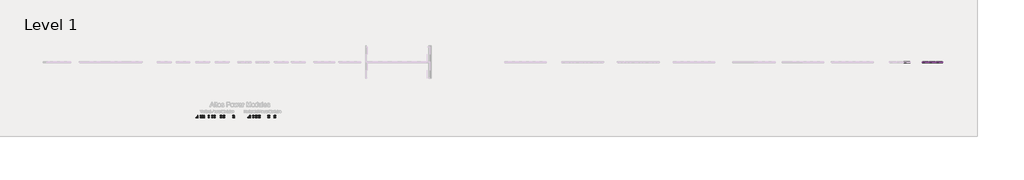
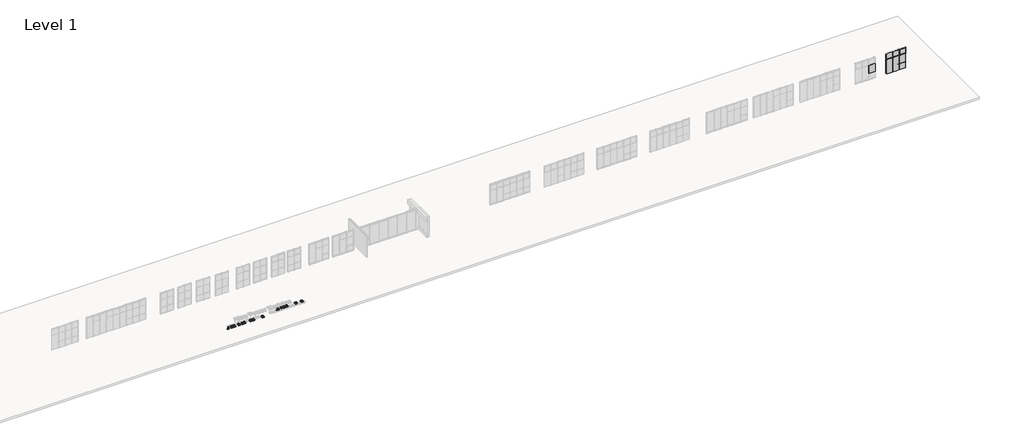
# One storey, part 17 of 22: 54 proxies.
"""IFC4 building model written with IfcOpenShell, lengths in millimetres."""

from ifc_helpers import new_model, si_unit, origin, place, context, project, spatial, transform, mapped, element, save
from components import specialty_equipment_a7725fb8, electrical_fixtures_e288b9bc, electrical_fixtures_7935cbd9, electrical_fixtures_94c24c1b, electrical_fixtures_9f06c1d8, electrical_fixtures_cf150507, electrical_fixtures_b57f04e2, electrical_fixtures_b943349e, electrical_fixtures_7ee819dc, electrical_fixtures_2c1a8ef8, electrical_fixtures_6ca6a594, electrical_fixtures_9293c94c, electrical_fixtures_81150f9e, electrical_fixtures_d6838e8a, electrical_fixtures_fca81bba, electrical_fixtures_5d6b1b63, electrical_fixtures_cbb62ec8, specialty_equipment_5beb618c, frame_teknion_horizontal_rail_5872ae1a, frame_teknion_horizontal_rail_149fd3e6, pd_horizontal_module_communications_3bd114d5, pd_horizontal_module_double_one_15_amp_standard_91662da0, pd_horizontal_module_double_one_20_amp_standard_4a8edad1, pd_horizontal_module_double_two_15_amp_standard_6849602c, pd_horizontal_module_double_two_20_amp_standard_3f62b5b6, pd_horizontal_module_single_15_amp_standard_5c934545, pd_horizontal_module_single_20_amp_standard_525e48b1, pd_vertical_module_communications_bda5cb75, pd_vertical_module_double_one_15_amp_standard_e69900ea, pd_vertical_module_double_one_20_amp_standard_6d0cff1c, pd_vertical_module_double_two_15_amp_standard_3b64569a, pd_vertical_module_double_two_20_amp_standard_31f9a75b, pd_vertical_module_quad_15_amp_standard_all_outlets_835c5be2, pd_vertical_module_quad_20_amp_standard_all_outlets_cea8ea7a, pd_vertical_module_single_15_amp_standard_b1616907, pd_vertical_module_single_20_amp_standard_ca99faa8, pd_vertical_module_triple_15_amp_standard_a40d858c, pd_vertical_module_triple_20_amp_standard_58f04986, panel_fascia_teknion_clerestory_base_fascia_level_i_988903cc, panel_fascia_teknion_clerestory_base_fascia_level_ii_c53b4d47, panel_fascia_teknion_clerestory_base_fascia_level_ii_690aed16, panel_fascia_teknion_clerestory_base_fascia_level_ii_2c55b825, panel_fascia_teknion_clerestory_base_fascia_segmented_136e7ca1, panel_fascia_teknion_clerestory_base_fascia_segmented_5bbcc382, panel_fascia_teknion_clerestory_base_fascia_segmented_676c6a3b, panel_fascia_teknion_clerestory_base_fascia_working_wall_dc28b561, panel_fascia_teknion_clerestory_base_fascia_working_wall_c515cb01, panel_fascia_teknion_clerestory_base_fascia_working_wall_e7e99f1c

model = new_model("IFC4")

# Units and contexts
model_context = context("Model", 3, world=origin())
ifc_project = project(units=[si_unit("LENGTHUNIT", "METRE", prefix="MILLI")], contexts=[model_context])

# Site, building, storey
site = spatial("IfcSite", under=ifc_project)
building = spatial("IfcBuilding", under=site)
storey = spatial("IfcBuildingStorey", under=building, Name="Level 1", Elevation=0.0)

# Proxies
placement = place(None, origin())
specialty_equipment_shape = specialty_equipment_a7725fb8(model_context)
element("IfcBuildingElementProxy", 1, Name="Panel-Clerestory-Teknion-Optos-Altos_Monolithic_Fascias : FYCG", ObjectType="Panel-Clerestory-Teknion-Optos-Altos_Monolithic_Fascias : FYCG", at=placement, inside=storey, context=model_context, shape_type="MappedRepresentation", body=[
    mapped(specialty_equipment_shape, transform((78556.512457, 1812.3522105, 2136.775), x_axis=(-1.0, 0.0, 0.0), y_axis=(0.0, -1.0, 0.0), z_axis=(0.0, 0.0, 1.0))),
])
element("IfcBuildingElementProxy", 2, Name="Panel-Clerestory-Teknion-Optos-Altos_Monolithic_Fascias : FYCG", ObjectType="Panel-Clerestory-Teknion-Optos-Altos_Monolithic_Fascias : FYCG", at=placement, inside=storey, context=model_context, shape_type="MappedRepresentation", body=[
    mapped(specialty_equipment_shape, transform((76741.7023007, 1812.3522105, 2136.775), x_axis=(-1.0, 0.0, 0.0), y_axis=(0.0, -1.0, 0.0), z_axis=(0.0, 0.0, 1.0))),
])
electrical_fixtures_shape = electrical_fixtures_e288b9bc(model_context)
element("IfcBuildingElementProxy", 3, Name="Electrical-Teknion-EPDMD_Vertical_Power_Data_Double-R2019 : PD Vertical Module - Double 15 Amp USB (A+C)", ObjectType="Electrical-Teknion-EPDMD_Vertical_Power_Data_Double-R2019 : PD Vertical Module - Double 15 Amp USB (A+C)", at=placement, inside=storey, context=model_context, shape_type="MappedRepresentation", body=[
    mapped(electrical_fixtures_shape, transform((-17578.0460124, -5496.5835012, 0.0), x_axis=(1.0, 0.0, 0.0), y_axis=(0.0, 1.0, 0.0), z_axis=(0.0, 0.0, 1.0))),
])
electrical_fixtures_2_shape = electrical_fixtures_7935cbd9(model_context)
element("IfcBuildingElementProxy", 4, Name="Electrical-Teknion-EPDMD_Vertical_Power_Data_Double-R2019 : PD Vertical Module - Double 20 Amp USB (A+C)", ObjectType="Electrical-Teknion-EPDMD_Vertical_Power_Data_Double-R2019 : PD Vertical Module - Double 20 Amp USB (A+C)", at=placement, inside=storey, context=model_context, shape_type="MappedRepresentation", body=[
    mapped(electrical_fixtures_2_shape, transform((-17578.0460124, -5272.1720809, 0.0), x_axis=(1.0, 0.0, 0.0), y_axis=(0.0, 1.0, 0.0), z_axis=(0.0, 0.0, 1.0))),
])
electrical_fixtures_3_shape = electrical_fixtures_94c24c1b(model_context)
element("IfcBuildingElementProxy", 5, Name="Electrical-Teknion-EPDMD_Vertical_Power_Data_Double-R2019 : PD Vertical Module - Double 15 Amp USB (A+C) & 15 Amp Standard", ObjectType="Electrical-Teknion-EPDMD_Vertical_Power_Data_Double-R2019 : PD Vertical Module - Double 15 Amp USB (A+C) & 15 Amp Standard", at=placement, inside=storey, context=model_context, shape_type="MappedRepresentation", body=[
    mapped(electrical_fixtures_3_shape, transform((-17134.5220958, -5496.5835012, 0.0), x_axis=(1.0, 0.0, 0.0), y_axis=(0.0, 1.0, 0.0), z_axis=(0.0, 0.0, 1.0))),
])
electrical_fixtures_4_shape = electrical_fixtures_9f06c1d8(model_context)
element("IfcBuildingElementProxy", 6, Name="Electrical-Teknion-EPDMD_Vertical_Power_Data_Double-R2019 : PD Vertical Module - Double 20 Amp USB (A+C) & 20 Amp Standard", ObjectType="Electrical-Teknion-EPDMD_Vertical_Power_Data_Double-R2019 : PD Vertical Module - Double 20 Amp USB (A+C) & 20 Amp Standard", at=placement, inside=storey, context=model_context, shape_type="MappedRepresentation", body=[
    mapped(electrical_fixtures_4_shape, transform((-17134.5220958, -5272.1720809, 0.0), x_axis=(1.0, 0.0, 0.0), y_axis=(0.0, 1.0, 0.0), z_axis=(0.0, 0.0, 1.0))),
])
electrical_fixtures_5_shape = electrical_fixtures_cf150507(model_context)
element("IfcBuildingElementProxy", 7, Name="Electrical-Teknion-EPDMT_Vertical_Power_Data_Triple-R2019 : PD Vertical Module - Triple 15 Amp USB (A+C) & 15 Amp Standard", ObjectType="Electrical-Teknion-EPDMT_Vertical_Power_Data_Triple-R2019 : PD Vertical Module - Triple 15 Amp USB (A+C) & 15 Amp Standard", at=placement, inside=storey, context=model_context, shape_type="MappedRepresentation", body=[
    mapped(electrical_fixtures_5_shape, transform((-16003.1705225, -5496.5835012, 0.0), x_axis=(1.0, 0.0, 0.0), y_axis=(0.0, 1.0, 0.0), z_axis=(0.0, 0.0, 1.0))),
])
electrical_fixtures_6_shape = electrical_fixtures_b57f04e2(model_context)
element("IfcBuildingElementProxy", 8, Name="Electrical-Teknion-EPDMT_Vertical_Power_Data_Triple-R2019 : PD Vertical Module - Triple 20 Amp USB (A+C) & 20 Amp Standard", ObjectType="Electrical-Teknion-EPDMT_Vertical_Power_Data_Triple-R2019 : PD Vertical Module - Triple 20 Amp USB (A+C) & 20 Amp Standard", at=placement, inside=storey, context=model_context, shape_type="MappedRepresentation", body=[
    mapped(electrical_fixtures_6_shape, transform((-16003.1705225, -5272.1720809, 0.0), x_axis=(1.0, 0.0, 0.0), y_axis=(0.0, 1.0, 0.0), z_axis=(0.0, 0.0, 1.0))),
])
electrical_fixtures_7_shape = electrical_fixtures_b943349e(model_context)
element("IfcBuildingElementProxy", 9, Name="Electrical-Teknion-EPDMQ_Vertical_Power_Data_Quad-R2019 : PD Vertical Module - Quad 15 Amp USB (A+C) & 15 Amp Standard", ObjectType="Electrical-Teknion-EPDMQ_Vertical_Power_Data_Quad-R2019 : PD Vertical Module - Quad 15 Amp USB (A+C) & 15 Amp Standard", at=placement, inside=storey, context=model_context, shape_type="MappedRepresentation", body=[
    mapped(electrical_fixtures_7_shape, transform((-14351.3987218, -5496.5835012, 0.0), x_axis=(1.0, 0.0, 0.0), y_axis=(0.0, 1.0, 0.0), z_axis=(0.0, 0.0, 1.0))),
])
electrical_fixtures_8_shape = electrical_fixtures_7ee819dc(model_context)
element("IfcBuildingElementProxy", 10, Name="Electrical-Teknion-EPDMQ_Vertical_Power_Data_Quad-R2019 : PD Vertical Module - Quad 20 Amp USB (A+C) & 20 Amp Standard", ObjectType="Electrical-Teknion-EPDMQ_Vertical_Power_Data_Quad-R2019 : PD Vertical Module - Quad 20 Amp USB (A+C) & 20 Amp Standard", at=placement, inside=storey, context=model_context, shape_type="MappedRepresentation", body=[
    mapped(electrical_fixtures_8_shape, transform((-14351.3987218, -5272.1720809, 0.0), x_axis=(1.0, 0.0, 0.0), y_axis=(0.0, 1.0, 0.0), z_axis=(0.0, 0.0, 1.0))),
])
electrical_fixtures_9_shape = electrical_fixtures_2c1a8ef8(model_context)
element("IfcBuildingElementProxy", 11, Name="Electrical-Teknion-EPDHS_Horizontal_Power_Data_Single-R2019 : PD Horizontal Module - Single 15 Amp USB (A+C)", ObjectType="Electrical-Teknion-EPDHS_Horizontal_Power_Data_Single-R2019 : PD Horizontal Module - Single 15 Amp USB (A+C)", at=placement, inside=storey, context=model_context, shape_type="MappedRepresentation", body=[
    mapped(electrical_fixtures_9_shape, transform((-11709.2014406, -5496.5835012, 0.0), x_axis=(1.0, 0.0, 0.0), y_axis=(0.0, 1.0, 0.0), z_axis=(0.0, 0.0, 1.0))),
])
electrical_fixtures_10_shape = electrical_fixtures_6ca6a594(model_context)
element("IfcBuildingElementProxy", 12, Name="Electrical-Teknion-EPDHS_Horizontal_Power_Data_Single-R2019 : PD Horizontal Module - Single 20 Amp USB (A+C)", ObjectType="Electrical-Teknion-EPDHS_Horizontal_Power_Data_Single-R2019 : PD Horizontal Module - Single 20 Amp USB (A+C)", at=placement, inside=storey, context=model_context, shape_type="MappedRepresentation", body=[
    mapped(electrical_fixtures_10_shape, transform((-11709.2014406, -5272.1720809, 0.0), x_axis=(1.0, 0.0, 0.0), y_axis=(0.0, 1.0, 0.0), z_axis=(0.0, 0.0, 1.0))),
])
electrical_fixtures_11_shape = electrical_fixtures_9293c94c(model_context)
element("IfcBuildingElementProxy", 13, Name="Electrical-Teknion-EPDHD_Horizontal_Power_Data_Double-R2019 : PD Horizontal Module - Double 15 Amp USB (A+C)", ObjectType="Electrical-Teknion-EPDHD_Horizontal_Power_Data_Double-R2019 : PD Horizontal Module - Double 15 Amp USB (A+C)", at=placement, inside=storey, context=model_context, shape_type="MappedRepresentation", body=[
    mapped(electrical_fixtures_11_shape, transform((-9748.4131037, -5496.5835012, 0.0), x_axis=(1.0, 0.0, 0.0), y_axis=(0.0, 1.0, 0.0), z_axis=(0.0, 0.0, 1.0))),
])
electrical_fixtures_12_shape = electrical_fixtures_81150f9e(model_context)
element("IfcBuildingElementProxy", 14, Name="Electrical-Teknion-EPDHD_Horizontal_Power_Data_Double-R2019 : PD Horizontal Module - Double 20 Amp USB (A+C)", ObjectType="Electrical-Teknion-EPDHD_Horizontal_Power_Data_Double-R2019 : PD Horizontal Module - Double 20 Amp USB (A+C)", at=placement, inside=storey, context=model_context, shape_type="MappedRepresentation", body=[
    mapped(electrical_fixtures_12_shape, transform((-9748.4131037, -5272.1720809, 0.0), x_axis=(1.0, 0.0, 0.0), y_axis=(0.0, 1.0, 0.0), z_axis=(0.0, 0.0, 1.0))),
])
electrical_fixtures_13_shape = electrical_fixtures_d6838e8a(model_context)
element("IfcBuildingElementProxy", 15, Name="Electrical-Teknion-EPDHD_Horizontal_Power_Data_Double-R2019 : PD Horizontal Module - Double 15 Amp USB (A+C) & 15 Amp Standard", ObjectType="Electrical-Teknion-EPDHD_Horizontal_Power_Data_Double-R2019 : PD Horizontal Module - Double 15 Amp USB (A+C) & 15 Amp Standard", at=placement, inside=storey, context=model_context, shape_type="MappedRepresentation", body=[
    mapped(electrical_fixtures_13_shape, transform((-8936.6472871, -5496.5835012, 0.0), x_axis=(1.0, 0.0, 0.0), y_axis=(0.0, 1.0, 0.0), z_axis=(0.0, 0.0, 1.0))),
])
electrical_fixtures_14_shape = electrical_fixtures_fca81bba(model_context)
element("IfcBuildingElementProxy", 16, Name="Electrical-Teknion-EPDHD_Horizontal_Power_Data_Double-R2019 : PD Horizontal Module - Double 20 Amp USB (A+C) & 20 Amp Standard", ObjectType="Electrical-Teknion-EPDHD_Horizontal_Power_Data_Double-R2019 : PD Horizontal Module - Double 20 Amp USB (A+C) & 20 Amp Standard", at=placement, inside=storey, context=model_context, shape_type="MappedRepresentation", body=[
    mapped(electrical_fixtures_14_shape, transform((-8936.6472871, -5272.1720809, 0.0), x_axis=(1.0, 0.0, 0.0), y_axis=(0.0, 1.0, 0.0), z_axis=(0.0, 0.0, 1.0))),
])
electrical_fixtures_15_shape = electrical_fixtures_5d6b1b63(model_context)
element("IfcBuildingElementProxy", 17, Name="Electrical-Teknion-EPDMS_Vertical_Power_Data_Single-R2019 : PD Vertical Module - Single 15 Amp USB (A+C)", ObjectType="Electrical-Teknion-EPDMS_Vertical_Power_Data_Single-R2019 : PD Vertical Module - Single 15 Amp USB (A+C)", at=placement, inside=storey, context=model_context, shape_type="MappedRepresentation", body=[
    mapped(electrical_fixtures_15_shape, transform((-18611.1746708, -5496.5835012, 0.0), x_axis=(1.0, 0.0, 0.0), y_axis=(0.0, 1.0, 0.0), z_axis=(0.0, 0.0, 1.0))),
])
electrical_fixtures_16_shape = electrical_fixtures_cbb62ec8(model_context)
element("IfcBuildingElementProxy", 18, Name="Electrical-Teknion-EPDMS_Vertical_Power_Data_Single-R2019 : PD Vertical Module - Single 20 Amp USB (A+C)", ObjectType="Electrical-Teknion-EPDMS_Vertical_Power_Data_Single-R2019 : PD Vertical Module - Single 20 Amp USB (A+C)", at=placement, inside=storey, context=model_context, shape_type="MappedRepresentation", body=[
    mapped(electrical_fixtures_16_shape, transform((-18611.1746708, -5272.1720809, 0.0), x_axis=(1.0, 0.0, 0.0), y_axis=(0.0, 1.0, 0.0), z_axis=(0.0, 0.0, 1.0))),
])
specialty_equipment_2_shape = specialty_equipment_5beb618c(model_context)
element("IfcBuildingElementProxy", 19, Name="Panel-Clerestory-Teknion-Optos-Altos_Monolithic_Fascias : FYCG", ObjectType="Panel-Clerestory-Teknion-Optos-Altos_Monolithic_Fascias : FYCG", at=placement, inside=storey, context=model_context, shape_type="MappedRepresentation", body=[
    mapped(specialty_equipment_2_shape, transform((77649.1073788, 1812.3522105, 2136.775), x_axis=(-1.0, 0.0, 0.0), y_axis=(0.0, -1.0, 0.0), z_axis=(0.0, 0.0, 1.0))),
])
frame_teknion_horizontal_rail_shape = frame_teknion_horizontal_rail_5872ae1a(model_context)
element("IfcBuildingElementProxy", 20, Name="Frame-Teknion-Horizontal_Rail : FPKK", ObjectType="Frame-Teknion-Horizontal_Rail : FPKK", at=placement, inside=storey, context=model_context, shape_type="MappedRepresentation", body=[
    mapped(frame_teknion_horizontal_rail_shape, transform((78556.512457, 1812.3522105, 917.575), x_axis=(-1.0, 0.0, 0.0), y_axis=(0.0, -1.0, 0.0), z_axis=(0.0, 0.0, 1.0))),
])
element("IfcBuildingElementProxy", 21, Name="Frame-Teknion-Horizontal_Rail : FPKK", ObjectType="Frame-Teknion-Horizontal_Rail : FPKK", at=placement, inside=storey, context=model_context, shape_type="MappedRepresentation", body=[
    mapped(frame_teknion_horizontal_rail_shape, transform((78556.512457, 1812.3522105, 2136.775), x_axis=(-1.0, 0.0, 0.0), y_axis=(0.0, -1.0, 0.0), z_axis=(0.0, 0.0, 1.0))),
])
element("IfcBuildingElementProxy", 22, Name="Frame-Teknion-Horizontal_Rail : FPKK", ObjectType="Frame-Teknion-Horizontal_Rail : FPKK", at=placement, inside=storey, context=model_context, shape_type="MappedRepresentation", body=[
    mapped(frame_teknion_horizontal_rail_shape, transform((76741.7023007, 1812.3522105, 2136.775), x_axis=(-1.0, 0.0, 0.0), y_axis=(0.0, -1.0, 0.0), z_axis=(0.0, 0.0, 1.0))),
])
frame_teknion_horizontal_rail_2_shape = frame_teknion_horizontal_rail_149fd3e6(model_context)
element("IfcBuildingElementProxy", 23, Name="Frame-Teknion-Horizontal_Rail : FPKK", ObjectType="Frame-Teknion-Horizontal_Rail : FPKK", at=placement, inside=storey, context=model_context, shape_type="MappedRepresentation", body=[
    mapped(frame_teknion_horizontal_rail_2_shape, transform((77649.1073788, 1812.3522105, 917.575), x_axis=(-1.0, 0.0, 0.0), y_axis=(0.0, -1.0, 0.0), z_axis=(0.0, 0.0, 1.0))),
])
element("IfcBuildingElementProxy", 24, Name="Frame-Teknion-Horizontal_Rail : FPKK", ObjectType="Frame-Teknion-Horizontal_Rail : FPKK", at=placement, inside=storey, context=model_context, shape_type="MappedRepresentation", body=[
    mapped(frame_teknion_horizontal_rail_2_shape, transform((77649.1073788, 1812.3522105, 2136.775), x_axis=(-1.0, 0.0, 0.0), y_axis=(0.0, -1.0, 0.0), z_axis=(0.0, 0.0, 1.0))),
])
pd_horizontal_module_communications_shape = pd_horizontal_module_communications_3bd114d5(model_context)
element("IfcBuildingElementProxy", 25, Name="Electrical-Teknion-EPDHC_Horizontal_Power_Data_Module_Communication-R2019 : PD Horizontal Module - Communications", ObjectType="Electrical-Teknion-EPDHC_Horizontal_Power_Data_Module_Communication-R2019 : PD Horizontal Module - Communications", at=placement, inside=storey, context=model_context, shape_type="MappedRepresentation", body=[
    mapped(pd_horizontal_module_communications_shape, transform((-12409.8908434, -5496.5835012, 0.0), x_axis=(1.0, 0.0, 0.0), y_axis=(0.0, 1.0, 0.0), z_axis=(0.0, 0.0, 1.0))),
])
pd_horizontal_module_double_one_15_amp_standard_shape = pd_horizontal_module_double_one_15_amp_standard_91662da0(model_context)
element("IfcBuildingElementProxy", 26, Name="Electrical-Teknion-EPDHD_Horizontal_Power_Data_Double-R2019 : PD Horizontal Module - Double One 15 Amp Standard", ObjectType="Electrical-Teknion-EPDHD_Horizontal_Power_Data_Double-R2019 : PD Horizontal Module - Double One 15 Amp Standard", at=placement, inside=storey, context=model_context, shape_type="MappedRepresentation", body=[
    mapped(pd_horizontal_module_double_one_15_amp_standard_shape, transform((-11390.4705129, -5496.5835012, 0.0), x_axis=(1.0, 0.0, 0.0), y_axis=(0.0, 1.0, 0.0), z_axis=(0.0, 0.0, 1.0))),
])
pd_horizontal_module_double_one_20_amp_standard_shape = pd_horizontal_module_double_one_20_amp_standard_4a8edad1(model_context)
element("IfcBuildingElementProxy", 27, Name="Electrical-Teknion-EPDHD_Horizontal_Power_Data_Double-R2019 : PD Horizontal Module - Double One 20 Amp Standard", ObjectType="Electrical-Teknion-EPDHD_Horizontal_Power_Data_Double-R2019 : PD Horizontal Module - Double One 20 Amp Standard", at=placement, inside=storey, context=model_context, shape_type="MappedRepresentation", body=[
    mapped(pd_horizontal_module_double_one_20_amp_standard_shape, transform((-11390.4705129, -5272.1720809, 0.0), x_axis=(1.0, 0.0, 0.0), y_axis=(0.0, 1.0, 0.0), z_axis=(0.0, 0.0, 1.0))),
])
pd_horizontal_module_double_two_15_amp_standard_shape = pd_horizontal_module_double_two_15_amp_standard_6849602c(model_context)
element("IfcBuildingElementProxy", 28, Name="Electrical-Teknion-EPDHD_Horizontal_Power_Data_Double-R2019 : PD Horizontal Module - Double Two 15 Amp Standard", ObjectType="Electrical-Teknion-EPDHD_Horizontal_Power_Data_Double-R2019 : PD Horizontal Module - Double Two 15 Amp Standard", at=placement, inside=storey, context=model_context, shape_type="MappedRepresentation", body=[
    mapped(pd_horizontal_module_double_two_15_amp_standard_shape, transform((-10998.0608961, -5496.5835012, 0.0), x_axis=(1.0, 0.0, 0.0), y_axis=(0.0, 1.0, 0.0), z_axis=(0.0, 0.0, 1.0))),
])
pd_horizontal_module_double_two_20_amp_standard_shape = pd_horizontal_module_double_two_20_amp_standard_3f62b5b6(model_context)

--------------------------------------------------

Work instructions: Pictures do not belong in the copy. Repeat only the lines from the top of the records through the line containing "from ifc_helpers import".

Response:
# One storey, part 17 of 22: 54 proxies.
"""IFC4 building model written with IfcOpenShell, lengths in millimetres."""

from ifc_helpers import new_model, si_unit, origin, place, context, project, spatial, transform, mapped, element, save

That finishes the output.